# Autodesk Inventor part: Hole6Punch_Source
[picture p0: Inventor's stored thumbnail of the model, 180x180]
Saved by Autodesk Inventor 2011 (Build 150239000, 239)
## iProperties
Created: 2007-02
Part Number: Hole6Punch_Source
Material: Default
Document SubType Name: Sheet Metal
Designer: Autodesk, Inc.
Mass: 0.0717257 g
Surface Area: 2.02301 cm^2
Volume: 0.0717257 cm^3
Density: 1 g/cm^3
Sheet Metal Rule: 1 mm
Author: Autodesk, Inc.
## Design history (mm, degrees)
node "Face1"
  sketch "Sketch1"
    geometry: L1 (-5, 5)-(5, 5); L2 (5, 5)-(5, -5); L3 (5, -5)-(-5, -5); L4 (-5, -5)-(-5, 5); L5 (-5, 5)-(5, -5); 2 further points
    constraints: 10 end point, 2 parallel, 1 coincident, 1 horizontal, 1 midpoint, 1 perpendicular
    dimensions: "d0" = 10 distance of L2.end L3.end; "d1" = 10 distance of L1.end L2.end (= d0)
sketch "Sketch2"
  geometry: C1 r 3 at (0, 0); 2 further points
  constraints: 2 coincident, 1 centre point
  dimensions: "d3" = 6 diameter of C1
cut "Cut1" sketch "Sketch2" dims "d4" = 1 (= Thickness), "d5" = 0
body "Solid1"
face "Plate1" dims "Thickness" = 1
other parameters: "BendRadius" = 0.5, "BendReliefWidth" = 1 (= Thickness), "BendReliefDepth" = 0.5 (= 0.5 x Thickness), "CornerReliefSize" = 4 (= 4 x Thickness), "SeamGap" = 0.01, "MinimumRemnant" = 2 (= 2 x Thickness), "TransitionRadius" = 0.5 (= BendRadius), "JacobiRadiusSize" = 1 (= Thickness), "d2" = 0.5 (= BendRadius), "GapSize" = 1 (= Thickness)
++++++++++++++++++++
Return the entries in full, keeping every line exactly as it is.

> _SOLUTION BELOW_
# Autodesk Inventor part: Hole6Punch_Source
[picture p0: Inventor's stored thumbnail of the model, 180x180]
Saved by Autodesk Inventor 2011 (Build 150239000, 239)
## iProperties
Created: 2007-02
Part Number: Hole6Punch_Source
Material: Default
Document SubType Name: Sheet Metal
Designer: Autodesk, Inc.
Mass: 0.0717257 g
Surface Area: 2.02301 cm^2
Volume: 0.0717257 cm^3
Density: 1 g/cm^3
Sheet Metal Rule: 1 mm
Author: Autodesk, Inc.
## Design history (mm, degrees)
node "Face1"
  sketch "Sketch1"
    geometry: L1 (-5, 5)-(5, 5); L2 (5, 5)-(5, -5); L3 (5, -5)-(-5, -5); L4 (-5, -5)-(-5, 5); L5 (-5, 5)-(5, -5); 2 further points
    constraints: 10 end point, 2 parallel, 1 coincident, 1 horizontal, 1 midpoint, 1 perpendicular
    dimensions: "d0" = 10 distance of L2.end L3.end; "d1" = 10 distance of L1.end L2.end (= d0)
sketch "Sketch2"
  geometry: C1 r 3 at (0, 0); 2 further points
  constraints: 2 coincident, 1 centre point
  dimensions: "d3" = 6 diameter of C1
cut "Cut1" sketch "Sketch2" dims "d4" = 1 (= Thickness), "d5" = 0
body "Solid1"
face "Plate1" dims "Thickness" = 1
other parameters: "BendRadius" = 0.5, "BendReliefWidth" = 1 (= Thickness), "BendReliefDepth" = 0.5 (= 0.5 x Thickness), "CornerReliefSize" = 4 (= 4 x Thickness), "SeamGap" = 0.01, "MinimumRemnant" = 2 (= 2 x Thickness), "TransitionRadius" = 0.5 (= BendRadius), "JacobiRadiusSize" = 1 (= Thickness), "d2" = 0.5 (= BendRadius), "GapSize" = 1 (= Thickness)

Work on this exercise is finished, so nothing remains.